▸ **Saved entries**:
○ ○ ○ ○
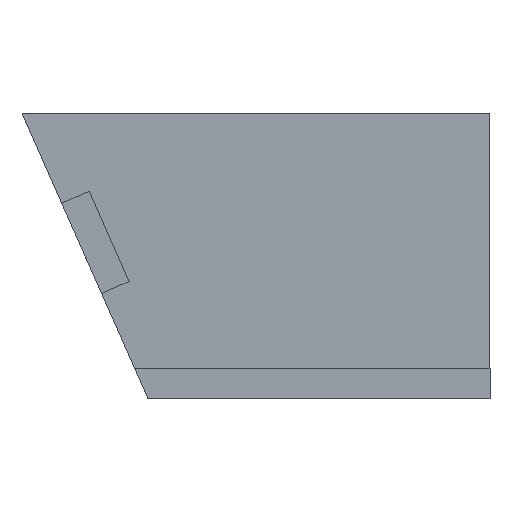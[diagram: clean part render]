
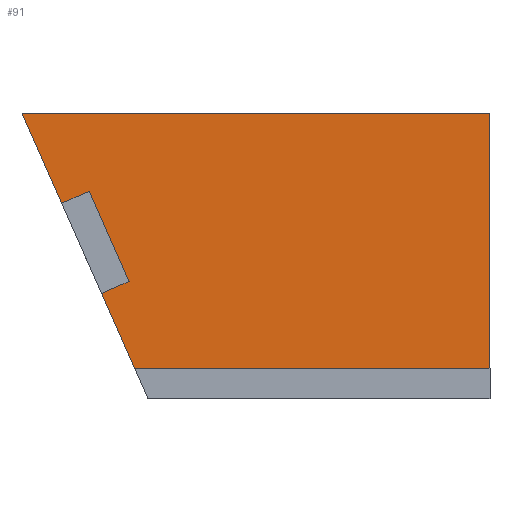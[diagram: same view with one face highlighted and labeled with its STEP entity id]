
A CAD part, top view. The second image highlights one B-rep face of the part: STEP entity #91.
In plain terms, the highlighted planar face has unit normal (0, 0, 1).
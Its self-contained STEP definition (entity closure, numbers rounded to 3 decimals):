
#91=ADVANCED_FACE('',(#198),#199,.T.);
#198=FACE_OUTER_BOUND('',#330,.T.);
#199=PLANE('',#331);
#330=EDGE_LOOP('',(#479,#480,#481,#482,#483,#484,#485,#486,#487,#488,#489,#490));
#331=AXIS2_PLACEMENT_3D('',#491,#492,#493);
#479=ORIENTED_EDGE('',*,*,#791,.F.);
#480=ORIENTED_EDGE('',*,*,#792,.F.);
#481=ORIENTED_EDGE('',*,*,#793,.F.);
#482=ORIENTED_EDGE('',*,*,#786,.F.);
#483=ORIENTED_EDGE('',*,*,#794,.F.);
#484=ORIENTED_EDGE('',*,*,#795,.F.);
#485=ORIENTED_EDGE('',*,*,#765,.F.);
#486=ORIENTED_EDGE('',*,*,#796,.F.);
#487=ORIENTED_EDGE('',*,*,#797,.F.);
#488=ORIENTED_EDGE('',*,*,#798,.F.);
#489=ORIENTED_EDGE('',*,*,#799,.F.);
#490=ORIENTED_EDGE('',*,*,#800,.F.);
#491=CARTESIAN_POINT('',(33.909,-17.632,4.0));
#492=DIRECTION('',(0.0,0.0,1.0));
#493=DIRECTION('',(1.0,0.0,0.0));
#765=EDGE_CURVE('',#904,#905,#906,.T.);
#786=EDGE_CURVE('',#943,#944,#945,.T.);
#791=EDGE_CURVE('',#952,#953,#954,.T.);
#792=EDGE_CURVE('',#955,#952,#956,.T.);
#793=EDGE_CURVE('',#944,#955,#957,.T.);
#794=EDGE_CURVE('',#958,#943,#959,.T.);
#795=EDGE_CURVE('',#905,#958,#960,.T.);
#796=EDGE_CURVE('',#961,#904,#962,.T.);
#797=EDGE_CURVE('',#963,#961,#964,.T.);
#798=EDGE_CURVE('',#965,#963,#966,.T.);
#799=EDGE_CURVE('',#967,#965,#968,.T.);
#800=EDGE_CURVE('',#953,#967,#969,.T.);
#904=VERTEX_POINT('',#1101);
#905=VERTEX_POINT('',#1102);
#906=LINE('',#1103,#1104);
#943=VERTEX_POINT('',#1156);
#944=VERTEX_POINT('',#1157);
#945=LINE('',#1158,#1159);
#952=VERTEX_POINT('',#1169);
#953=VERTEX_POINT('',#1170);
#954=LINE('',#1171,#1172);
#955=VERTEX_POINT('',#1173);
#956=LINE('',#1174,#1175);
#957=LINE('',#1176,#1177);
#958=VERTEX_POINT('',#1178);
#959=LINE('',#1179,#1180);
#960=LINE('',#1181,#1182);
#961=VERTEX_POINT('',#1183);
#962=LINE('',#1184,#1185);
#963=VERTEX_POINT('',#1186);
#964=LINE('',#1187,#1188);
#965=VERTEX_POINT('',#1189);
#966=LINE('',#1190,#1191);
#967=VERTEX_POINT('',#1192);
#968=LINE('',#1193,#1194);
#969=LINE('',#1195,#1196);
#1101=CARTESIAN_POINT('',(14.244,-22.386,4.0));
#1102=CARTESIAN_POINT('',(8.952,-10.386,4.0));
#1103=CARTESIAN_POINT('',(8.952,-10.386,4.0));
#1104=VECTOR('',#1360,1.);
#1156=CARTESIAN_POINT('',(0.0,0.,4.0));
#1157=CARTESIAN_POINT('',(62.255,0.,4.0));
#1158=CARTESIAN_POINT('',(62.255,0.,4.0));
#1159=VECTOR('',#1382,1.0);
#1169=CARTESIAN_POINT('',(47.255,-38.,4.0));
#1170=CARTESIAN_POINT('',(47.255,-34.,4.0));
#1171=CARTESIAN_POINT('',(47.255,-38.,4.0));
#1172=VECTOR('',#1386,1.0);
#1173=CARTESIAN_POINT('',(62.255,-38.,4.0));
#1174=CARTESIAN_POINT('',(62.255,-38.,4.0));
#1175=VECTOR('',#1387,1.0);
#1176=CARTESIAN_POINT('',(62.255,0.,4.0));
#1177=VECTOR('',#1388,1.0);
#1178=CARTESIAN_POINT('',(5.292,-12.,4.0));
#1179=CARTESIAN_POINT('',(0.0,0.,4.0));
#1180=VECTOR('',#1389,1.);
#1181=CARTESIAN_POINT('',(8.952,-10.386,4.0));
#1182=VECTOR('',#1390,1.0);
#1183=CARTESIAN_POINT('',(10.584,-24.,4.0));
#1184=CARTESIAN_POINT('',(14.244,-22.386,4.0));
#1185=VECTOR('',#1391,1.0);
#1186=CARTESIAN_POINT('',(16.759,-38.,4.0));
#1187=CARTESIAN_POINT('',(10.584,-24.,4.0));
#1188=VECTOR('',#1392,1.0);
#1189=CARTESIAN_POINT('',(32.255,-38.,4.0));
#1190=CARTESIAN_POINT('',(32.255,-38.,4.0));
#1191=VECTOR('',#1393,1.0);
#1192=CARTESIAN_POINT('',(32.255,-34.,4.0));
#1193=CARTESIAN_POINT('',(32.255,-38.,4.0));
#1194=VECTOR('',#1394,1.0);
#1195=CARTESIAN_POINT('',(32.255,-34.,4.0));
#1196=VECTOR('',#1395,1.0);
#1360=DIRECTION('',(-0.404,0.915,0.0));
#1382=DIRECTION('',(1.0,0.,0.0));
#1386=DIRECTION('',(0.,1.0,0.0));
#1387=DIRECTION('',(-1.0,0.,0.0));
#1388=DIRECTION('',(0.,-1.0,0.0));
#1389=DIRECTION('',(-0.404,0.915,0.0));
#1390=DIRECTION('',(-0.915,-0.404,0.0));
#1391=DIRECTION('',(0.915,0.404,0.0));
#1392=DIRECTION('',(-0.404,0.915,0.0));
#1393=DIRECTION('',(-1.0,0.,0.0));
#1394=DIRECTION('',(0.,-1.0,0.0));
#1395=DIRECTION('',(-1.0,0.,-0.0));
○ ○ ○ ○
▸ **Instructions to follow**: Set down every line of the entries above again, exactly as written, but not the pictures.

▸ **Reply**:
[diagram: clean part render]
[diagram: same view with one face highlighted and labeled with its STEP entity id]
A CAD part, top view. The second image highlights one B-rep face of the part: STEP entity #91.
In plain terms, the highlighted planar face has unit normal (0, 0, 1).
Its self-contained STEP definition (entity closure, numbers rounded to 3 decimals):
#91=ADVANCED_FACE('',(#198),#199,.T.);
#198=FACE_OUTER_BOUND('',#330,.T.);
#199=PLANE('',#331);
#330=EDGE_LOOP('',(#479,#480,#481,#482,#483,#484,#485,#486,#487,#488,#489,#490));
#331=AXIS2_PLACEMENT_3D('',#491,#492,#493);
#479=ORIENTED_EDGE('',*,*,#791,.F.);
#480=ORIENTED_EDGE('',*,*,#792,.F.);
#481=ORIENTED_EDGE('',*,*,#793,.F.);
#482=ORIENTED_EDGE('',*,*,#786,.F.);
#483=ORIENTED_EDGE('',*,*,#794,.F.);
#484=ORIENTED_EDGE('',*,*,#795,.F.);
#485=ORIENTED_EDGE('',*,*,#765,.F.);
#486=ORIENTED_EDGE('',*,*,#796,.F.);
#487=ORIENTED_EDGE('',*,*,#797,.F.);
#488=ORIENTED_EDGE('',*,*,#798,.F.);
#489=ORIENTED_EDGE('',*,*,#799,.F.);
#490=ORIENTED_EDGE('',*,*,#800,.F.);
#491=CARTESIAN_POINT('',(33.909,-17.632,4.0));
#492=DIRECTION('',(0.0,0.0,1.0));
#493=DIRECTION('',(1.0,0.0,0.0));
#765=EDGE_CURVE('',#904,#905,#906,.T.);
#786=EDGE_CURVE('',#943,#944,#945,.T.);
#791=EDGE_CURVE('',#952,#953,#954,.T.);
#792=EDGE_CURVE('',#955,#952,#956,.T.);
#793=EDGE_CURVE('',#944,#955,#957,.T.);
#794=EDGE_CURVE('',#958,#943,#959,.T.);
#795=EDGE_CURVE('',#905,#958,#960,.T.);
#796=EDGE_CURVE('',#961,#904,#962,.T.);
#797=EDGE_CURVE('',#963,#961,#964,.T.);
#798=EDGE_CURVE('',#965,#963,#966,.T.);
#799=EDGE_CURVE('',#967,#965,#968,.T.);
#800=EDGE_CURVE('',#953,#967,#969,.T.);
#904=VERTEX_POINT('',#1101);
#905=VERTEX_POINT('',#1102);
#906=LINE('',#1103,#1104);
#943=VERTEX_POINT('',#1156);
#944=VERTEX_POINT('',#1157);
#945=LINE('',#1158,#1159);
#952=VERTEX_POINT('',#1169);
#953=VERTEX_POINT('',#1170);
#954=LINE('',#1171,#1172);
#955=VERTEX_POINT('',#1173);
#956=LINE('',#1174,#1175);
#957=LINE('',#1176,#1177);
#958=VERTEX_POINT('',#1178);
#959=LINE('',#1179,#1180);
#960=LINE('',#1181,#1182);
#961=VERTEX_POINT('',#1183);
#962=LINE('',#1184,#1185);
#963=VERTEX_POINT('',#1186);
#964=LINE('',#1187,#1188);
#965=VERTEX_POINT('',#1189);
#966=LINE('',#1190,#1191);
#967=VERTEX_POINT('',#1192);
#968=LINE('',#1193,#1194);
#969=LINE('',#1195,#1196);
#1101=CARTESIAN_POINT('',(14.244,-22.386,4.0));
#1102=CARTESIAN_POINT('',(8.952,-10.386,4.0));
#1103=CARTESIAN_POINT('',(8.952,-10.386,4.0));
#1104=VECTOR('',#1360,1.);
#1156=CARTESIAN_POINT('',(0.0,0.,4.0));
#1157=CARTESIAN_POINT('',(62.255,0.,4.0));
#1158=CARTESIAN_POINT('',(62.255,0.,4.0));
#1159=VECTOR('',#1382,1.0);
#1169=CARTESIAN_POINT('',(47.255,-38.,4.0));
#1170=CARTESIAN_POINT('',(47.255,-34.,4.0));
#1171=CARTESIAN_POINT('',(47.255,-38.,4.0));
#1172=VECTOR('',#1386,1.0);
#1173=CARTESIAN_POINT('',(62.255,-38.,4.0));
#1174=CARTESIAN_POINT('',(62.255,-38.,4.0));
#1175=VECTOR('',#1387,1.0);
#1176=CARTESIAN_POINT('',(62.255,0.,4.0));
#1177=VECTOR('',#1388,1.0);
#1178=CARTESIAN_POINT('',(5.292,-12.,4.0));
#1179=CARTESIAN_POINT('',(0.0,0.,4.0));
#1180=VECTOR('',#1389,1.);
#1181=CARTESIAN_POINT('',(8.952,-10.386,4.0));
#1182=VECTOR('',#1390,1.0);
#1183=CARTESIAN_POINT('',(10.584,-24.,4.0));
#1184=CARTESIAN_POINT('',(14.244,-22.386,4.0));
#1185=VECTOR('',#1391,1.0);
#1186=CARTESIAN_POINT('',(16.759,-38.,4.0));
#1187=CARTESIAN_POINT('',(10.584,-24.,4.0));
#1188=VECTOR('',#1392,1.0);
#1189=CARTESIAN_POINT('',(32.255,-38.,4.0));
#1190=CARTESIAN_POINT('',(32.255,-38.,4.0));
#1191=VECTOR('',#1393,1.0);
#1192=CARTESIAN_POINT('',(32.255,-34.,4.0));
#1193=CARTESIAN_POINT('',(32.255,-38.,4.0));
#1194=VECTOR('',#1394,1.0);
#1195=CARTESIAN_POINT('',(32.255,-34.,4.0));
#1196=VECTOR('',#1395,1.0);
#1360=DIRECTION('',(-0.404,0.915,0.0));
#1382=DIRECTION('',(1.0,0.,0.0));
#1386=DIRECTION('',(0.,1.0,0.0));
#1387=DIRECTION('',(-1.0,0.,0.0));
#1388=DIRECTION('',(0.,-1.0,0.0));
#1389=DIRECTION('',(-0.404,0.915,0.0));
#1390=DIRECTION('',(-0.915,-0.404,0.0));
#1391=DIRECTION('',(0.915,0.404,0.0));
#1392=DIRECTION('',(-0.404,0.915,0.0));
#1393=DIRECTION('',(-1.0,0.,0.0));
#1394=DIRECTION('',(0.,-1.0,0.0));
#1395=DIRECTION('',(-1.0,0.,-0.0));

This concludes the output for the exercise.